### PROBLEM DETAILS
This task calls for copying every line of the records that includes the word "layers".
BEGIN
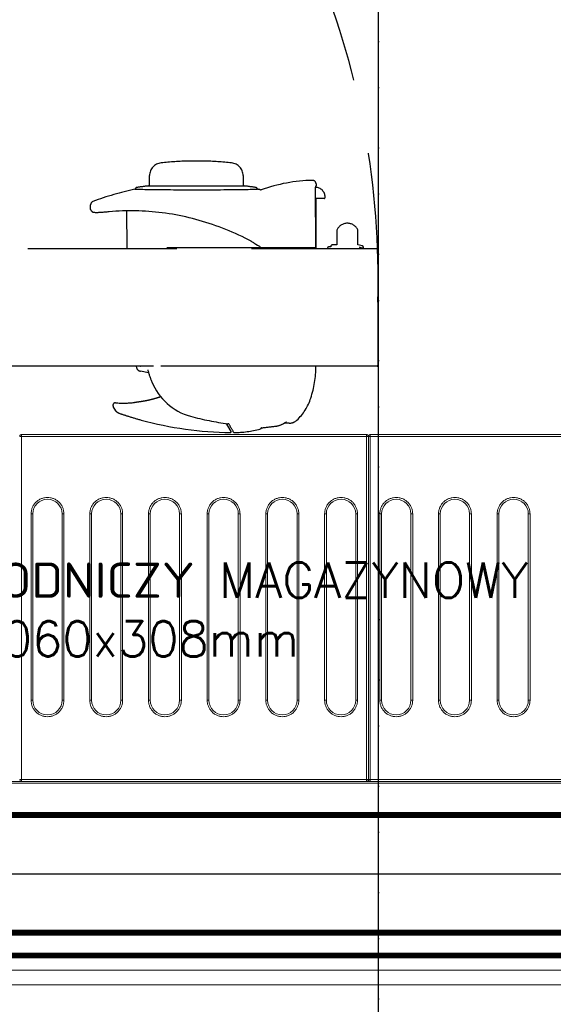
# Model space of a CAD drawing. Header units: metres. Extents: x 5541655 to 5610276, y 5589641 to 5627879.
# Tile 41 of 69: x 5605317 to 5605408, y 5625309 to 5625476. Entities that reach past the tile are written whole.
import ezdxf

# ---------------------------------------------------------------- set-up
doc = ezdxf.new("R2010")
doc.units = ezdxf.units.M
doc.header["$MEASUREMENT"] = 0
doc.linetypes.add('ACAD_ISO10W100', pattern=[18, 12, -3, 0, -3])
doc.linetypes.add('DASHED', pattern=[19.05, 12.7, -6.35])
doc.layers.get('0').update_dxf_attribs({"linetype": 'CONTINUOUS', "lineweight": 18})
for name, color, linetype in [('2D- Siatka Modularna', 7, 'ACAD_ISO10W100'), ('Budowlane - Sciany Wew', 7, 'CONTINUOUS'), ('Komory', 132, 'CONTINUOUS'), ('Ściany', 51, 'CONTINUOUS')]:
    doc.layers.add(name, color=color, linetype=linetype)
doc.layers.add('Regały', color=7, linetype='CONTINUOUS', true_color=0x00f000)
doc.styles.add('RomanS', font='romans.shx')
doc.linetypes.add('BATTING', pattern='A,0.0001,-0.1,[134,ltypeshp.shx,S=0.1,R=0,X=-0.1,Y=0],-0.2,[134,ltypeshp.shx,S=0.1,R=180,X=0.1,Y=0],-0.1', length=0.4001)

# ---------------------------------------------------------------- blocks, each defined once
blk = doc.blocks.new('*U504')
at = {"const_width": 0.5}
blk.add_lwpolyline([(124.5, 290), (124.5, 300), (180, 300), (180, 0), (0, 0), (0, 300), (54.5, 300), (54.5, 290), (10, 290), (10, 10), (170, 10), (170, 290)], close=True, dxfattribs=at)
at = {"color": 253, "linetype": 'BATTING', "ltscale": 12, "true_color": 0xadadad}
blk.add_lwpolyline([(54.5, 295), (5, 295), (5, 5), (175, 5), (175, 295), (124.5, 295)], dxfattribs=at)
blk = doc.blocks.new('*U428')
at = {"lineweight": 15}
for p, q in [((43.283, -0.665), (43.133, -0.665)), ((43.283, -0.515), (43.283, -0.518)), ((72.683, -0.515), (43.283, -0.515)), ((43.283, -0.518), (43.283, -0.665)), ((72.683, -0.665), (43.283, -0.665)), ((43.283, -0.665), (43.283, -29.865)), ((72.683, -0.518), (72.683, -0.515)), ((72.683, -0.665), (72.683, -0.518)), ((72.833, -0.665), (72.683, -0.665)), ((72.683, -29.865), (72.683, -0.665)), ((72.833, -0.665), (72.833, -29.865)), ((72.983, -0.665), (72.833, -0.665)), ((72.983, -0.515), (72.983, -0.518)), ((102.383, -0.515), (72.983, -0.515)), ((72.983, -0.518), (72.983, -0.665)), ((102.383, -0.665), (72.983, -0.665)), ((72.983, -0.665), (72.983, -29.865)), ((101.583, -30.025), (4.383, -30.025)), ((43.133, -29.865), (43.283, -29.865)), ((43.283, -29.865), (72.683, -29.865)), ((43.283, -29.971), (43.283, -29.865)), ((43.283, -30.015), (43.283, -29.971)), ((43.283, -30.015), (72.683, -30.015)), ((72.683, -29.865), (72.833, -29.865)), ((72.683, -29.865), (72.683, -29.971)), ((72.683, -29.971), (72.683, -30.015)), ((72.833, -29.865), (72.983, -29.865)), ((72.983, -29.865), (102.383, -29.865)), ((72.983, -29.971), (72.983, -29.865)), ((72.983, -30.015), (72.983, -29.971)), ((72.983, -30.015), (102.383, -30.015)), ((101.583, -30.175), (4.383, -30.175))]:
    blk.add_line(p, q, dxfattribs=at)
at = {"color": 253, "lineweight": 15, "true_color": 0xa6a6a6}
for p, q in [((44.103, -23.115), (44.103, -7.265)), ((44.103, -7.265), (44.253, -7.265)), ((44.253, -23.115), (44.253, -7.265)), ((46.753, -7.265), (46.753, -23.115)), ((46.753, -7.265), (46.903, -7.265)), ((46.903, -7.265), (46.903, -23.115)), ((49.103, -23.115), (49.103, -7.265)), ((49.103, -7.265), (49.253, -7.265)), ((49.253, -23.115), (49.253, -7.265)), ((51.753, -7.265), (51.753, -23.115)), ((51.753, -7.265), (51.903, -7.265)), ((51.903, -7.265), (51.903, -23.115)), ((54.103, -23.115), (54.103, -7.265)), ((54.103, -7.265), (54.253, -7.265)), ((54.253, -23.115), (54.253, -7.265)), ((56.753, -7.265), (56.753, -23.115)), ((56.753, -7.265), (56.903, -7.265)), ((56.903, -7.265), (56.903, -23.115)), ((59.103, -23.115), (59.103, -7.265)), ((59.103, -7.265), (59.253, -7.265)), ((59.253, -23.115), (59.253, -7.265)), ((61.753, -7.265), (61.753, -23.115)), ((61.753, -7.265), (61.903, -7.265)), ((61.903, -7.265), (61.903, -23.115)), ((64.103, -23.115), (64.103, -7.265)), ((64.103, -7.265), (64.253, -7.265)), ((64.253, -23.115), (64.253, -7.265)), ((66.753, -7.265), (66.753, -23.115)), ((66.753, -7.265), (66.903, -7.265)), ((66.903, -7.265), (66.903, -23.115)), ((69.103, -23.115), (69.103, -7.265)), ((69.103, -7.265), (69.253, -7.265)), ((69.253, -23.115), (69.253, -7.265)), ((71.753, -7.265), (71.753, -23.115)), ((71.753, -7.265), (71.903, -7.265)), ((71.903, -7.265), (71.903, -23.115)), ((73.803, -23.115), (73.803, -7.265)), ((73.803, -7.265), (73.953, -7.265)), ((73.953, -23.115), (73.953, -7.265)), ((76.453, -7.265), (76.453, -23.115)), ((76.453, -7.265), (76.603, -7.265)), ((76.603, -7.265), (76.603, -23.115)), ((78.803, -23.115), (78.803, -7.265)), ((78.803, -7.265), (78.953, -7.265)), ((78.953, -23.115), (78.953, -7.265)), ((81.453, -7.265), (81.453, -23.115)), ((81.453, -7.265), (81.603, -7.265)), ((81.603, -7.265), (81.603, -23.115)), ((83.803, -23.115), (83.803, -7.265)), ((83.803, -7.265), (83.953, -7.265)), ((83.953, -23.115), (83.953, -7.265)), ((86.453, -7.265), (86.453, -23.115)), ((86.453, -7.265), (86.603, -7.265)), ((86.603, -7.265), (86.603, -23.115)), ((44.103, -23.115), (44.253, -23.115)), ((46.903, -23.115), (46.753, -23.115)), ((49.103, -23.115), (49.253, -23.115)), ((51.903, -23.115), (51.753, -23.115)), ((54.103, -23.115), (54.253, -23.115)), ((56.903, -23.115), (56.753, -23.115)), ((59.103, -23.115), (59.253, -23.115)), ((61.903, -23.115), (61.753, -23.115)), ((64.103, -23.115), (64.253, -23.115)), ((66.903, -23.115), (66.753, -23.115)), ((69.103, -23.115), (69.253, -23.115)), ((71.903, -23.115), (71.753, -23.115)), ((73.803, -23.115), (73.953, -23.115)), ((76.603, -23.115), (76.453, -23.115)), ((78.803, -23.115), (78.953, -23.115)), ((81.603, -23.115), (81.453, -23.115)), ((83.803, -23.115), (83.953, -23.115)), ((86.603, -23.115), (86.453, -23.115))]:
    blk.add_line(p, q, dxfattribs=at)
for centre, start, end in [((45.503, -7.265), 0, 180), ((50.503, -7.265), 0, 180), ((55.503, -7.265), 0, 180), ((60.503, -7.265), 0, 180), ((65.503, -7.265), 0, 180), ((70.503, -7.265), 0, 180), ((75.203, -7.265), 0, 180), ((80.203, -7.265), 0, 180), ((85.203, -7.265), 0, 180), ((45.503, -23.115), 180, 0), ((50.503, -23.115), 180, 0), ((55.503, -23.115), 180, 0), ((60.503, -23.115), 180, 0), ((65.503, -23.115), 180, 0), ((70.503, -23.115), 180, 0), ((75.203, -23.115), 180, 0), ((80.203, -23.115), 180, 0), ((85.203, -23.115), 180, 0)]:
    blk.add_arc(centre, 1.25, start, end, dxfattribs=at)
at = {"lineweight": 15}
for centre, start, end in [((43.283, -29.865), 180, 270), ((72.683, -29.865), 270, 0), ((72.983, -29.865), 180, 270)]:
    blk.add_arc(centre, 0.15, start, end, dxfattribs=at)
for points, knots in [([(43.283, -0.518), (43.273, -0.519), (43.253, -0.521), (43.223, -0.53), (43.197, -0.545), (43.167, -0.57), (43.139, -0.61), (43.135, -0.648), (43.133, -0.667)], [0, 0, 0, 0, 0.1307696, 0.2600246, 0.3879723, 0.5145698, 0.761734, 1, 1, 1, 1]), ([(72.833, -0.667), (72.831, -0.648), (72.828, -0.61), (72.8, -0.57), (72.77, -0.545), (72.743, -0.53), (72.714, -0.521), (72.693, -0.519), (72.683, -0.518)], [0, 0, 0, 0, 0.238266, 0.485414, 0.61202, 0.739978, 0.869219, 1, 1, 1, 1]), ([(72.983, -0.518), (72.973, -0.519), (72.953, -0.521), (72.923, -0.53), (72.897, -0.545), (72.866, -0.57), (72.839, -0.61), (72.835, -0.648), (72.833, -0.667)], [0, 0, 0, 0, 0.130781, 0.260022, 0.38798, 0.514586, 0.761734, 1, 1, 1, 1])]:
    blk.add_open_spline(points, degree=3, knots=knots, dxfattribs=at)
at = {"color": 253, "lineweight": 15, "true_color": 0xa6a6a6}
for points, knots in [([(44.103, -7.265), (44.108, -7.18), (44.117, -7.004), (44.195, -6.743), (44.324, -6.492), (44.506, -6.268), (44.73, -6.086), (44.981, -5.956), (45.242, -5.881), (45.503, -5.857), (45.764, -5.881), (46.025, -5.956), (46.276, -6.086), (46.5, -6.268), (46.682, -6.492), (46.811, -6.743), (46.889, -7.004), (46.899, -7.18), (46.903, -7.265)], [0, 0, 0, 0, 0.058258, 0.120006, 0.18432, 0.25, 0.31568, 0.379995, 0.441742, 0.5, 0.558258, 0.620006, 0.68432, 0.75, 0.81568, 0.879994, 0.941742, 1, 1, 1, 1]), ([(49.103, -7.265), (49.108, -7.18), (49.117, -7.004), (49.195, -6.743), (49.324, -6.492), (49.506, -6.268), (49.73, -6.086), (49.981, -5.956), (50.242, -5.881), (50.503, -5.857), (50.764, -5.881), (51.025, -5.956), (51.276, -6.086), (51.5, -6.268), (51.682, -6.492), (51.811, -6.743), (51.889, -7.004), (51.899, -7.18), (51.903, -7.265)], [0, 0, 0, 0, 0.058258, 0.120006, 0.18432, 0.25, 0.31568, 0.379994, 0.441742, 0.5, 0.558258, 0.620005, 0.68432, 0.75, 0.81568, 0.879994, 0.941742, 1, 1, 1, 1]), ([(54.103, -7.265), (54.108, -7.18), (54.117, -7.004), (54.195, -6.743), (54.324, -6.492), (54.506, -6.268), (54.73, -6.086), (54.981, -5.956), (55.242, -5.881), (55.503, -5.857), (55.764, -5.881), (56.025, -5.956), (56.276, -6.086), (56.5, -6.268), (56.682, -6.492), (56.811, -6.743), (56.889, -7.004), (56.899, -7.18), (56.903, -7.265)], [0, 0, 0, 0, 0.058258, 0.120006, 0.18432, 0.25, 0.31568, 0.379994, 0.441742, 0.5, 0.558258, 0.620006, 0.68432, 0.75, 0.81568, 0.879994, 0.941742, 1, 1, 1, 1]), ([(59.103, -7.265), (59.108, -7.18), (59.117, -7.004), (59.195, -6.743), (59.324, -6.492), (59.506, -6.268), (59.73, -6.086), (59.981, -5.956), (60.242, -5.881), (60.503, -5.857), (60.764, -5.881), (61.025, -5.956), (61.276, -6.086), (61.5, -6.268), (61.682, -6.492), (61.811, -6.743), (61.889, -7.004), (61.899, -7.18), (61.903, -7.265)], [0, 0, 0, 0, 0.058258, 0.120006, 0.18432, 0.25, 0.31568, 0.379995, 0.441742, 0.5, 0.558258, 0.620005, 0.68432, 0.75, 0.81568, 0.879994, 0.941742, 1, 1, 1, 1]), ([(64.103, -7.265), (64.108, -7.18), (64.117, -7.004), (64.195, -6.743), (64.324, -6.492), (64.506, -6.268), (64.73, -6.086), (64.981, -5.956), (65.242, -5.881), (65.503, -5.857), (65.764, -5.881), (66.025, -5.956), (66.276, -6.086), (66.5, -6.268), (66.682, -6.492), (66.811, -6.743), (66.889, -7.004), (66.899, -7.18), (66.903, -7.265)], [0, 0, 0, 0, 0.058258, 0.120006, 0.184321, 0.25, 0.31568, 0.379995, 0.441741, 0.5, 0.558258, 0.620006, 0.68432, 0.75, 0.815679, 0.879994, 0.941742, 1, 1, 1, 1]), ([(69.103, -7.265), (69.108, -7.18), (69.117, -7.004), (69.195, -6.743), (69.324, -6.492), (69.506, -6.268), (69.73, -6.086), (69.981, -5.956), (70.242, -5.881), (70.503, -5.857), (70.764, -5.881), (71.025, -5.956), (71.276, -6.086), (71.5, -6.268), (71.682, -6.492), (71.811, -6.743), (71.889, -7.004), (71.899, -7.18), (71.903, -7.265)], [0, 0, 0, 0, 0.058258, 0.120006, 0.18432, 0.25, 0.31568, 0.379994, 0.441742, 0.5, 0.558259, 0.620005, 0.68432, 0.75, 0.81568, 0.879994, 0.941742, 1, 1, 1, 1]), ([(73.803, -7.265), (73.808, -7.18), (73.817, -7.004), (73.895, -6.743), (74.024, -6.492), (74.206, -6.268), (74.43, -6.086), (74.681, -5.956), (74.942, -5.881), (75.203, -5.857), (75.464, -5.881), (75.725, -5.956), (75.976, -6.086), (76.2, -6.268), (76.382, -6.492), (76.511, -6.743), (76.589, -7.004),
END
### PROBLEM SOLUTION
doc.layers.get('0').update_dxf_attribs({"linetype": 'CONTINUOUS', "lineweight": 18})
    doc.layers.add(name, color=color, linetype=linetype)
doc.layers.add('Regały', color=7, linetype='CONTINUOUS', true_color=0x00f000)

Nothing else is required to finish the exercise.